Emma Gray
Editor
On Friday, April 27 at 10 a.m., Parkland’s Foundation will be hosting its annual Living Tree Ceremony to celebrate Arbor Day and to honor and remember individuals with the planting of trees.
The ceremony will be held in the Dodds Multipurpose Room in the Child Development Center and will be followed by a short reception with refreshments. After the reception, people will go to visit with their trees.
This year, six trees will be planted in the Memorial Grove. The grove already has over 160 trees in it in honor, or in memory, of various people, according to Susan Goldenstein, Parkland’s foundation coordinator.
“From the red barns all along Bradley Ave, there’s rows and rows of trees and that is called Memorial Grove. There’s actually a sign out there if you look close enough,” Goldenstein said.
In order to have a tree planted in honor or in memory of someone, families or friends contribute $500 or more to the Parkland Foundation. This cost pays for the planting of the tree, the plaque, and for the maintenance of the tree according to Goldenstein.
The purpose of the event is to allow families a way to remember and honor their loved ones through a “living gift,” while beautifying the campus.

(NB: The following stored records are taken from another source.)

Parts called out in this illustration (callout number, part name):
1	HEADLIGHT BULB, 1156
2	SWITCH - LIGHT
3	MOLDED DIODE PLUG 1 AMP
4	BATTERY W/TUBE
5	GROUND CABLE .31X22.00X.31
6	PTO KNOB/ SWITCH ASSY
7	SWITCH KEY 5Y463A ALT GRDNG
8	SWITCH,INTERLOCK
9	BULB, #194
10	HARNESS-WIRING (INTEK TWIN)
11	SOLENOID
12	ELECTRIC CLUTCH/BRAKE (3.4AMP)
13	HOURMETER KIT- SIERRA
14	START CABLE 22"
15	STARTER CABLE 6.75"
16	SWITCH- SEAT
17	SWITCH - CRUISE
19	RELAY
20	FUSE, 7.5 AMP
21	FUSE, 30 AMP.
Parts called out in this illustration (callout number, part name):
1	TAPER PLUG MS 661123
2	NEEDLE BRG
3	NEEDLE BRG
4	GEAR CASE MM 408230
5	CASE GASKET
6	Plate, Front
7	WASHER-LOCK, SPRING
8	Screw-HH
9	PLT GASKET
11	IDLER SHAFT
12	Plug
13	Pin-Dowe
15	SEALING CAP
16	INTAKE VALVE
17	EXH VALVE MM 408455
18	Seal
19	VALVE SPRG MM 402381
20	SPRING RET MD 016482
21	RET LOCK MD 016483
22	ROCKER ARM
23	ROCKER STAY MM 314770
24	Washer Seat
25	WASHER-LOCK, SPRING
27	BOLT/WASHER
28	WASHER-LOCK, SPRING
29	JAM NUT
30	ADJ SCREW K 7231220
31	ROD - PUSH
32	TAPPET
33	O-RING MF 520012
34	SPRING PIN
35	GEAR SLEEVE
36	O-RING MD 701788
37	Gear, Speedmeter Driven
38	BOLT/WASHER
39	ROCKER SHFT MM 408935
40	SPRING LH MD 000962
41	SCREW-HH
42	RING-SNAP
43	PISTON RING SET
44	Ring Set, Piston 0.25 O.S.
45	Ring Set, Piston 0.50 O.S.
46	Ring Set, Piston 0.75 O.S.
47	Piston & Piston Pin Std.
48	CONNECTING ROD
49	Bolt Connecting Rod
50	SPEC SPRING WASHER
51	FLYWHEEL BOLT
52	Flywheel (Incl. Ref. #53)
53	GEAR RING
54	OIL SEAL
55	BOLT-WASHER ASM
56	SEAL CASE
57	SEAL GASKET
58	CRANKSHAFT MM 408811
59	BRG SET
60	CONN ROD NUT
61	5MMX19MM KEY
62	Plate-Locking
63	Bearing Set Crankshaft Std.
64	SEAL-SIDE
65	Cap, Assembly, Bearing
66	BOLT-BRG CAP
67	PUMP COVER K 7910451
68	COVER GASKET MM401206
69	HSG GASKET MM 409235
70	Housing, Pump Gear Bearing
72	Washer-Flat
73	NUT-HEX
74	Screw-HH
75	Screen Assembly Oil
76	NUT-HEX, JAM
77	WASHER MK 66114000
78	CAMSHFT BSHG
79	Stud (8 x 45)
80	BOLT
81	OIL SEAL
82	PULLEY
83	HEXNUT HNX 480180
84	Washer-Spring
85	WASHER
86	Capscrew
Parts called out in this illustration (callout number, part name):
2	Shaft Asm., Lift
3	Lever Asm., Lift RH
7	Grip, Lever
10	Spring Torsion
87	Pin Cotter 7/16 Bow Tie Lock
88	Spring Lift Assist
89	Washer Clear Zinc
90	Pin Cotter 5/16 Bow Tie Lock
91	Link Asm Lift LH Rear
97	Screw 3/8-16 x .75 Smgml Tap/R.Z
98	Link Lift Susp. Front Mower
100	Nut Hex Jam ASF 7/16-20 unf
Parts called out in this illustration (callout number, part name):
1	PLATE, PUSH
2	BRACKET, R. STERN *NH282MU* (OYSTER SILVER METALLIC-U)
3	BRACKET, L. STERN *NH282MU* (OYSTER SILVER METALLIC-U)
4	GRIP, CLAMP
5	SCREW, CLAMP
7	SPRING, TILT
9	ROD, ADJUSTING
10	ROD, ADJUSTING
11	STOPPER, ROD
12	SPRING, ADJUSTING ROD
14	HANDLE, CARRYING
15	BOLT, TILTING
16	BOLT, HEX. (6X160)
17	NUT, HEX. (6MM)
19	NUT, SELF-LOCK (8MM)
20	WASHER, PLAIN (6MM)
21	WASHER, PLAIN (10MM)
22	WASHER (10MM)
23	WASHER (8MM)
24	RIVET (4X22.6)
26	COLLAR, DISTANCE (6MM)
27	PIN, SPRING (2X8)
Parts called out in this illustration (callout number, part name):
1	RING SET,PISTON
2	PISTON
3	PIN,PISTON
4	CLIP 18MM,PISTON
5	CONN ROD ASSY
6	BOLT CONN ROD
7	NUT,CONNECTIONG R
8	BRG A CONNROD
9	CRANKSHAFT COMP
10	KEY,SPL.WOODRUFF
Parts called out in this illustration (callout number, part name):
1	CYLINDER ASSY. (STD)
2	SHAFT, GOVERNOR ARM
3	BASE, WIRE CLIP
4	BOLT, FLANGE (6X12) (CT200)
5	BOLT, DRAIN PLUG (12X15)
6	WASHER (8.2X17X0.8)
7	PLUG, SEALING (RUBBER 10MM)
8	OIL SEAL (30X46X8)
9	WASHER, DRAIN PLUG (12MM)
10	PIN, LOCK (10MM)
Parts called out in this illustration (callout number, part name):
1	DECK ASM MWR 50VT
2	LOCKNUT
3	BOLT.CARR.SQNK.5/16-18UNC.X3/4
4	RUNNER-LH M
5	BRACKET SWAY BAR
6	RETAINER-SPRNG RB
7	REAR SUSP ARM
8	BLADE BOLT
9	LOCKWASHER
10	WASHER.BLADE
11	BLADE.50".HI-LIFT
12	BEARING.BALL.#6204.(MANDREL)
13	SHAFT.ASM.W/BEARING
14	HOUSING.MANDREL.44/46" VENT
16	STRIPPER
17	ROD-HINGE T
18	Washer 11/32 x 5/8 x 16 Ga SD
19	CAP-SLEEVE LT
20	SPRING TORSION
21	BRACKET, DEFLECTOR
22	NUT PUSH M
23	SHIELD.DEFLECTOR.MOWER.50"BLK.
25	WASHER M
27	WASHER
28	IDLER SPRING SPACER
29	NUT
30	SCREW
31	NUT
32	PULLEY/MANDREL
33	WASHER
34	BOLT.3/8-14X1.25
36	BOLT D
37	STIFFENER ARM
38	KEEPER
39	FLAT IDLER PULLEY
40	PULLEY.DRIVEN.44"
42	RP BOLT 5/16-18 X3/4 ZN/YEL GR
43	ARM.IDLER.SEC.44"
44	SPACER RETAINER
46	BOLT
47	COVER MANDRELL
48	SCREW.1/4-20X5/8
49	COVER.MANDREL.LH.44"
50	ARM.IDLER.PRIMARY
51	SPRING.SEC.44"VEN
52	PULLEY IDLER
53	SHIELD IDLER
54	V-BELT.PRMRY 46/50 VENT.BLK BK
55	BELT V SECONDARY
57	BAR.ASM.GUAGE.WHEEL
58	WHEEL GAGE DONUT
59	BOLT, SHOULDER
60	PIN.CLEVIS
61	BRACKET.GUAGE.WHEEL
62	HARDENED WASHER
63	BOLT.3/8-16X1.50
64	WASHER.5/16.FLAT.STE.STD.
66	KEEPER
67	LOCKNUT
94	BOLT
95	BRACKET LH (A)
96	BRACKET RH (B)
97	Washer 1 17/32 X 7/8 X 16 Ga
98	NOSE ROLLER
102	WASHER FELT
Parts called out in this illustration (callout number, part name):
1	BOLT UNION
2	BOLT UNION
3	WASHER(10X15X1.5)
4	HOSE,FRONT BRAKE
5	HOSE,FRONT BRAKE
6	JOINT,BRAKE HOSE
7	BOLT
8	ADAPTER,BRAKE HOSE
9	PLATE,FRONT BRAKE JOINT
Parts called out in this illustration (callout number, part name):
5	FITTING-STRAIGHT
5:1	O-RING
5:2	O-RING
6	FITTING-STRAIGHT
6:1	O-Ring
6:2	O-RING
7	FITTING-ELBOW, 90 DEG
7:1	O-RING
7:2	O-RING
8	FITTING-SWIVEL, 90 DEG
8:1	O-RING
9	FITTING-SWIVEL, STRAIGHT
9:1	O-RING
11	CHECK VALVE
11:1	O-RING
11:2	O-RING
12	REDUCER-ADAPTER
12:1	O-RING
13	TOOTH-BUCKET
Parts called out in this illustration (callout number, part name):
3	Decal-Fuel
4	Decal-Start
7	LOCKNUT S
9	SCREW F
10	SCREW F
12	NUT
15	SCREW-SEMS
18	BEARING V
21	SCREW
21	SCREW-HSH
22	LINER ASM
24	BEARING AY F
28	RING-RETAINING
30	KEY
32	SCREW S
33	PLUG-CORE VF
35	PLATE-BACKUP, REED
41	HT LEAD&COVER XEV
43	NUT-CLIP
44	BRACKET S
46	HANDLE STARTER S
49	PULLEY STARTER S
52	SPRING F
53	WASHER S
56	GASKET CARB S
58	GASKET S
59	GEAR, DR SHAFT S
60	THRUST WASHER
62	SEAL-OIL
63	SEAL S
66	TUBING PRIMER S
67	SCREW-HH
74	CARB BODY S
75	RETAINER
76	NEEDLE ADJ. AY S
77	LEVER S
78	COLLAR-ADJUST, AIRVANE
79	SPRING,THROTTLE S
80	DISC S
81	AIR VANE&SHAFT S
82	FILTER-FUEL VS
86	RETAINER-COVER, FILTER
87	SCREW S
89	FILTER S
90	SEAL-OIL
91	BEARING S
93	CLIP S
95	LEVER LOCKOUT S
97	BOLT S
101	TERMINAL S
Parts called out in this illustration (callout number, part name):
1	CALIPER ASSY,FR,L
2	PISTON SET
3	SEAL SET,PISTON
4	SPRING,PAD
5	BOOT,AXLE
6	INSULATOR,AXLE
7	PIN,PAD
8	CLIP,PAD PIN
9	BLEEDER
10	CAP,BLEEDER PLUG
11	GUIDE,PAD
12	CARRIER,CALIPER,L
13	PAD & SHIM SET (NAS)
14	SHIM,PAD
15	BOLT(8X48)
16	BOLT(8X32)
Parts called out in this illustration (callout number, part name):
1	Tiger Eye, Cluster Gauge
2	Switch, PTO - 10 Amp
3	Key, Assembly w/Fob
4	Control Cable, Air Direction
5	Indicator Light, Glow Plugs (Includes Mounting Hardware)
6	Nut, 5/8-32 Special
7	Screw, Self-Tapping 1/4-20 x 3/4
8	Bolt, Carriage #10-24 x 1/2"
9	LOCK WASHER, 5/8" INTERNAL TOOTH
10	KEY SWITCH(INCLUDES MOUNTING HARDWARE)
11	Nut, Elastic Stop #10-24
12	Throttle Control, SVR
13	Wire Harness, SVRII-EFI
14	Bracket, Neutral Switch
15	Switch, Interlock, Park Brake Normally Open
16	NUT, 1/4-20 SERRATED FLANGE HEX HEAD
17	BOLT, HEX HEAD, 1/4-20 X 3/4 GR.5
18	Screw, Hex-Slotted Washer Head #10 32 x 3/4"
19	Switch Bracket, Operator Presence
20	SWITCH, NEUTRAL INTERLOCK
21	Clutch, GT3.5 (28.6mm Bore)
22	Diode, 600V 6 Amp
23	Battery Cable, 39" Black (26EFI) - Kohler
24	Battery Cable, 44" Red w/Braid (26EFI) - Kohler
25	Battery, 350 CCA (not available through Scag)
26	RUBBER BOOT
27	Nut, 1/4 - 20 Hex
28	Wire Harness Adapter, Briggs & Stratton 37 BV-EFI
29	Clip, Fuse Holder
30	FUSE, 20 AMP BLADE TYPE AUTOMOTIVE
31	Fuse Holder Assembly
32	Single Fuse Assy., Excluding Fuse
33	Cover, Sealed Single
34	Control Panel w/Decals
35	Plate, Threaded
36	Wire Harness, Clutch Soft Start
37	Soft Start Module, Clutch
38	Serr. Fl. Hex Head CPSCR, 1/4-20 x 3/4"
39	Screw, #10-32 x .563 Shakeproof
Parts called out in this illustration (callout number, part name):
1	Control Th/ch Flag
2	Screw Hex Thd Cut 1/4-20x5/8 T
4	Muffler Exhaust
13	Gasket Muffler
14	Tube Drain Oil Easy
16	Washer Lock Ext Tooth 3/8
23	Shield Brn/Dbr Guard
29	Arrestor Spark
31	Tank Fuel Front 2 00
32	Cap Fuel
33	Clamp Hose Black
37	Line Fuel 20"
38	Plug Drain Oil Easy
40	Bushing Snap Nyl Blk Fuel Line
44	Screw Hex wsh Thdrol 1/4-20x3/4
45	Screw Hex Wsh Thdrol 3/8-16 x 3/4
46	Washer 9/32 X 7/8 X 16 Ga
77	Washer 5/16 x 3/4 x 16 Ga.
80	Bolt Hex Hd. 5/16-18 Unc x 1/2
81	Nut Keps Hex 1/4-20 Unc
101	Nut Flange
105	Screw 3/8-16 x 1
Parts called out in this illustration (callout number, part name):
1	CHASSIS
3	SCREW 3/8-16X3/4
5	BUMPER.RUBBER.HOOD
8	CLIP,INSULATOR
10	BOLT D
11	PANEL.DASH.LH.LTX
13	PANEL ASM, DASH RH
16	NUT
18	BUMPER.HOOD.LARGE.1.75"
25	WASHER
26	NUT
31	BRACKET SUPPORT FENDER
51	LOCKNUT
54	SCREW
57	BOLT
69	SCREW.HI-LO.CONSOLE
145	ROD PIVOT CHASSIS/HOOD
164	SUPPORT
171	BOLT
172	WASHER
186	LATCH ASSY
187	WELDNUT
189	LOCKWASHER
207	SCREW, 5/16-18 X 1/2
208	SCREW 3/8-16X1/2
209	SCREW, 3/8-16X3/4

The Living Tree Program helps Parkland plant a variety of trees on campus, with Memorial Grove consisting of many kinds of trees. Goldenstein says that Parkland’s physical plant determines what kinds of trees should be planted each year, considering factors such as which trees will do best near which other trees.
“They try to do a variety, from flowering trees to small, short evergreens. There’s a large variety…I’m sure right now everything just looks dead, but come late spring, early summer, it looks really nice out there,” Goldenstein said.
Parkland has been holding an Arbor Day event almost every year since 1980 when the Parkland College Association created the Ad Hoc Arbor Day Committee during their senate meeting. In 1993, Parkland’s foundation started to host the annual Arbor Day event.
Arbor Day itself is a nationally celebrated holiday, however what day Arbor Day falls on depends on which state you are in, with some states hosting Arbor Day for a full week and some placing their Arbor Day celebrations at the best tree planting times for their region. In Illinois, Arbor Day falls on the last Friday of every April, which is also when the national holiday falls.
The people being honored or commemorated this year at Parkland include Ena Raaymakers Ballinger, Raymond Bielert, Mary K. Flora Farber Evans, Rupert Evans, Barbara J. and Edward F. Kobel, Shirley Clausen Mahaffey, and Geneva Katherine Stelle.